Internet of Things made simpler with SAP API Management – III

This blog is the last part of my blog series. In our scenario, we have our fictitious company called RailCo who are the largest rail freight operator, moving minerals, agricultural freight and more across the nation. They lease their trains and track to other business partners who need this service. Quite often their partners’ needs access to a real-time application which tells them (1) Where the trains are currently located (2) What is the current temperature of each wagon (3) What is the light exposure in each of the wagon. There are certain minerals which should not be exposed to light or high temperature for a long time.

In the previous blogs, I have explained how I created a prototype using sensors which communicated to a Raspberry Pi. The Raspberry Pi obtains the sensor readings and streams them to SAP HANA Cloud Platform. I have deployed an application on SAP HCP which shows a dashboard providing real-time information of a particular train wagon.

The next step is to actually expose the sensor information securely to external partners. This is where API Management comes into play. API Management exposes an Organizations digital assets across multiple channels to customer, partners and external world thereby enabling external developers to consume and build rich digital apps on top of that.
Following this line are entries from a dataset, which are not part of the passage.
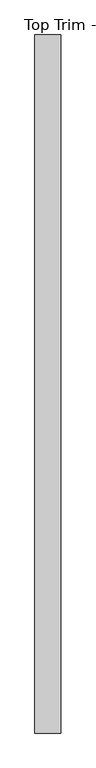
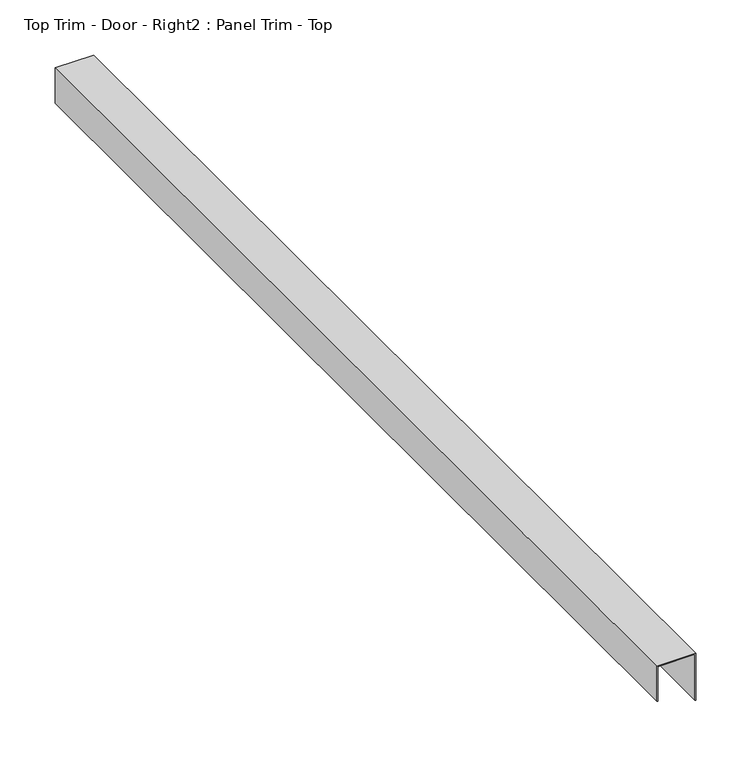
"""IFC4 building model written with IfcOpenShell, lengths in millimetres: proxy geometry, Top Trim - Door - Right2 : Panel Trim - Top."""

from ifc_helpers import new_model, si_unit, frame, origin, place, context, project, spatial, polyline, outline, extrude, source, transform, mapped, element, save


def top_trim_door_right2_panel_trim_top_ba49df41(model_context):
    return source(origin(), model_context, "Body", "SweptSolid", [
        extrude(outline(polyline([(2438.4, 587327.0060739), (2438.4, 587365.8934739), (2387.6, 587365.8934739), (2387.6, 587366.6808739), (2439.19375, 587366.6808739), (2439.19375, 587326.2186739), (2400.3, 587326.2186739), (2400.3, 587327.0060739), (2438.4, 587327.0060739)])), frame((0.0, -533976.0163841, 0.0), z_axis=(0.0, 1.0, 0.0), x_axis=(0.0, 0.0, 1.0)), (0.0, 0.0, 1.0), 1092.2),
    ])


if __name__ == "__main__":
    model = new_model("IFC4")
    model_context = context("Model", 3, world=origin())
    ifc_project = project(units=[si_unit("LENGTHUNIT", "METRE", prefix="MILLI")], contexts=[model_context])
    site = spatial("IfcSite", under=ifc_project)
    building = spatial("IfcBuilding", under=site)
    placement = place(None, origin())
    top_trim_door_right2_panel_trim_top_shape = top_trim_door_right2_panel_trim_top_ba49df41(model_context)
    element("IfcBuildingElementProxy", 1, Name="Top Trim - Door - Right2 : Panel Trim - Top", ObjectType="Top Trim - Door - Right2 : Panel Trim - Top", at=placement, inside=building, context=model_context, shape_type="MappedRepresentation", body=[
        mapped(top_trim_door_right2_panel_trim_top_shape, transform((0.0, 0.0, 0.0), x_axis=(1.0, 0.0, 0.0), y_axis=(0.0, 1.0, 0.0), z_axis=(0.0, 0.0, 1.0))),
    ])
    save(model, "model.ifc")

# Revit data of these elements
# Element 1 (IfcBuildingElementProxy, "Top Trim - Door - Right2 : Panel Trim - Top")
#   Materials on its faces: "EDGE TRIM BY MTL PANEL MFR."
# Materials
#   "EDGE TRIM BY MTL PANEL MFR.": class "Generic", colour RGB 239 242 240, transparency 0, Cost = 0

With API Management, you can

•    Increase workforce productivity

•    Personalize consumer engagement

•    Provide enterprise-grade security

•    Reduce IT complexity and total cost of ownership

•    Create custom apps quickly and easily

•    Co-innovation with partners and customers

•    Open up new business channels and revenue streams

•    Reduce initial infrastructure investment

•    Quickly modernize your business applications

HCP IoT Service provides out-of-the-box OData service to expose registered devices and the data captured against each of the devices.

You can use these OData endpoints to retrieve information on devive metadata or even the messages staored against each device.

https://<host>/com.sap.iotservices.dms/v1/api/devices

https://<host>/com.sap.iotservices.dms/v1/api/devicetypes

https://<host>/com.sap.iotservices.mms/v1/api/http/app.svc

If you query the app.svc service, it will list out all the entity collections.

Copy the table name which stores the sensor information for the particular device and change the URL as below to retrieve the values.

I created a destination in my HCP Cockpit which refers the above OData service. This would enable me to quickly build any UI5 applications based on WebIDE in the future.

Let us now expose this API also using the API Management. Launch the API Management API Portal to register the IoT OData API

I am going to register the API without creating a System. Click on “Manage” to create the API.

Provide the OData endpoints as shown below

Navigate to the policies tab to add few policies for this API

The Policy Designer canvas provides a representation of the Request-Response pipeline of the API proxy. Pipeline represents the flow pattern and specifies the condition on which this policy should be executed.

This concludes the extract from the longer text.